> **What to produce**:
The lines from the beginning of the records below through the one holding "Its self-contained STEP" are to be copied exactly; leave the pictures out.
+++++
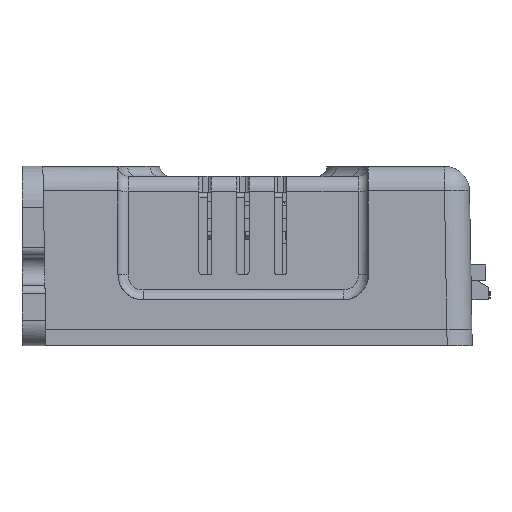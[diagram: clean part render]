
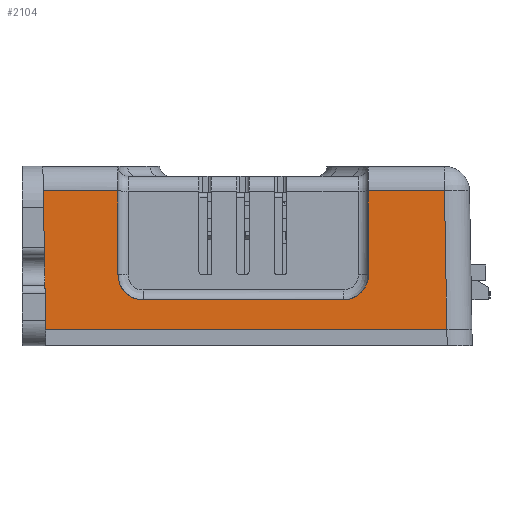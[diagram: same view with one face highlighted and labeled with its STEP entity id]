
A CAD part, left-side view. The second image highlights one B-rep face of the part: STEP entity #2104.
In plain terms, the highlighted planar face has unit normal (-1, 0, 0.018).
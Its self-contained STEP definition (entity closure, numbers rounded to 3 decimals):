
#2104=ADVANCED_FACE('',(#5456),#5457,.F.);
#5456=FACE_OUTER_BOUND('',#10281,.T.);
#5457=PLANE('',#10282);
#10281=EDGE_LOOP('',(#23707,#23708,#23709,#23710,#23711,#23712,#23713,#23714,#23715,#23716));
#10282=AXIS2_PLACEMENT_3D('',#23717,#23718,#23719);
#23707=ORIENTED_EDGE('',*,*,#33037,.T.);
#23708=ORIENTED_EDGE('',*,*,#33038,.T.);
#23709=ORIENTED_EDGE('',*,*,#33039,.T.);
#23710=ORIENTED_EDGE('',*,*,#33040,.T.);
#23711=ORIENTED_EDGE('',*,*,#33041,.T.);
#23712=ORIENTED_EDGE('',*,*,#33042,.F.);
#23713=ORIENTED_EDGE('',*,*,#32935,.T.);
#23714=ORIENTED_EDGE('',*,*,#32884,.F.);
#23715=ORIENTED_EDGE('',*,*,#33043,.F.);
#23716=ORIENTED_EDGE('',*,*,#33044,.F.);
#23717=CARTESIAN_POINT('',(-206.213,-25.7,-0.5));
#23718=DIRECTION('',(1.,0.0,-0.017));
#23719=DIRECTION('',(0.0,-1.0,0.0));
#32884=EDGE_CURVE('',#40917,#40919,#40920,.T.);
#32935=EDGE_CURVE('',#41002,#40919,#41003,.T.);
#33037=EDGE_CURVE('',#41184,#41185,#41186,.T.);
#33038=EDGE_CURVE('',#41185,#41187,#41188,.T.);
#33039=EDGE_CURVE('',#41187,#41189,#41190,.T.);
#33040=EDGE_CURVE('',#41189,#41191,#41192,.T.);
#33041=EDGE_CURVE('',#41191,#41193,#41194,.T.);
#33042=EDGE_CURVE('',#41002,#41193,#41195,.T.);
#33043=EDGE_CURVE('',#41196,#40917,#41197,.T.);
#33044=EDGE_CURVE('',#41184,#41196,#41198,.T.);
#40917=VERTEX_POINT('',#55216);
#40919=VERTEX_POINT('',#55232);
#40920=LINE('',#55233,#55234);
#41002=VERTEX_POINT('',#55346);
#41003=LINE('',#55347,#55348);
#41184=VERTEX_POINT('',#55594);
#41185=VERTEX_POINT('',#55595);
#41186=LINE('',#55596,#55597);
#41187=VERTEX_POINT('',#55598);
#41188=ELLIPSE('',#55599,3.,3.0);
#41189=VERTEX_POINT('',#55600);
#41190=LINE('',#55601,#55602);
#41191=VERTEX_POINT('',#55603);
#41192=ELLIPSE('',#55604,3.,3.0);
#41193=VERTEX_POINT('',#55605);
#41194=LINE('',#55606,#55607);
#41195=LINE('',#55608,#55609);
#41196=VERTEX_POINT('',#55610);
#41197=LINE('',#55611,#55612);
#41198=LINE('',#55613,#55614);
#55216=CARTESIAN_POINT('',(-206.213,-48.4,-0.5));
#55232=CARTESIAN_POINT('',(-206.213,-0.34,-0.5));
#55233=CARTESIAN_POINT('',(-206.213,-24.37,-0.5));
#55234=VECTOR('',#66561,1.0);
#55346=CARTESIAN_POINT('',(-205.924,-0.051,16.052));
#55347=CARTESIAN_POINT('',(-206.069,-0.196,7.776));
#55348=VECTOR('',#66652,1.0);
#55594=CARTESIAN_POINT('',(-205.924,-39.0,16.052));
#55595=CARTESIAN_POINT('',(-206.1,-39.0,6.));
#55596=CARTESIAN_POINT('',(-206.043,-39.0,9.25));
#55597=VECTOR('',#66829,1.0);
#55598=CARTESIAN_POINT('',(-206.152,-36.0,3.0));
#55599=AXIS2_PLACEMENT_3D('',#66830,#66831,#66832);
#55600=CARTESIAN_POINT('',(-206.152,-12.0,3.0));
#55601=CARTESIAN_POINT('',(-206.152,-25.7,3.0));
#55602=VECTOR('',#66833,1.0);
#55603=CARTESIAN_POINT('',(-206.1,-9.0,6.0));
#55604=AXIS2_PLACEMENT_3D('',#66834,#66835,#66836);
#55605=CARTESIAN_POINT('',(-205.924,-9.0,16.052));
#55606=CARTESIAN_POINT('',(-206.043,-9.0,9.25));
#55607=VECTOR('',#66837,1.0);
#55608=CARTESIAN_POINT('',(-205.924,-25.7,16.052));
#55609=VECTOR('',#66838,1.0);
#55610=CARTESIAN_POINT('',(-205.924,-48.112,16.052));
#55611=CARTESIAN_POINT('',(-206.069,-48.256,7.776));
#55612=VECTOR('',#66839,1.0);
#55613=CARTESIAN_POINT('',(-205.924,-25.7,16.052));
#55614=VECTOR('',#66840,1.0);
#66561=DIRECTION('',(0.0,1.0,0.0));
#66652=DIRECTION('',(-0.017,-0.017,-1.));
#66829=DIRECTION('',(-0.017,0.0,-1.));
#66830=CARTESIAN_POINT('',(-206.1,-36.0,6.0));
#66831=DIRECTION('',(1.,0.0,-0.017));
#66832=DIRECTION('',(0.017,0.0,1.));
#66833=DIRECTION('',(0.0,1.0,0.0));
#66834=CARTESIAN_POINT('',(-206.1,-12.0,6.0));
#66835=DIRECTION('',(1.,0.0,-0.017));
#66836=DIRECTION('',(0.017,0.0,1.));
#66837=DIRECTION('',(0.017,0.0,1.));
#66838=DIRECTION('',(0.0,-1.0,0.0));
#66839=DIRECTION('',(-0.017,-0.017,-1.));
#66840=DIRECTION('',(0.0,-1.0,0.0));
+++++
> **Exercise solution**:
[diagram: clean part render]
[diagram: same view with one face highlighted and labeled with its STEP entity id]
A CAD part, left-side view. The second image highlights one B-rep face of the part: STEP entity #2104.
In plain terms, the highlighted planar face has unit normal (-1, 0, 0.018).
Its self-contained STEP definition (entity closure, numbers rounded to 3 decimals):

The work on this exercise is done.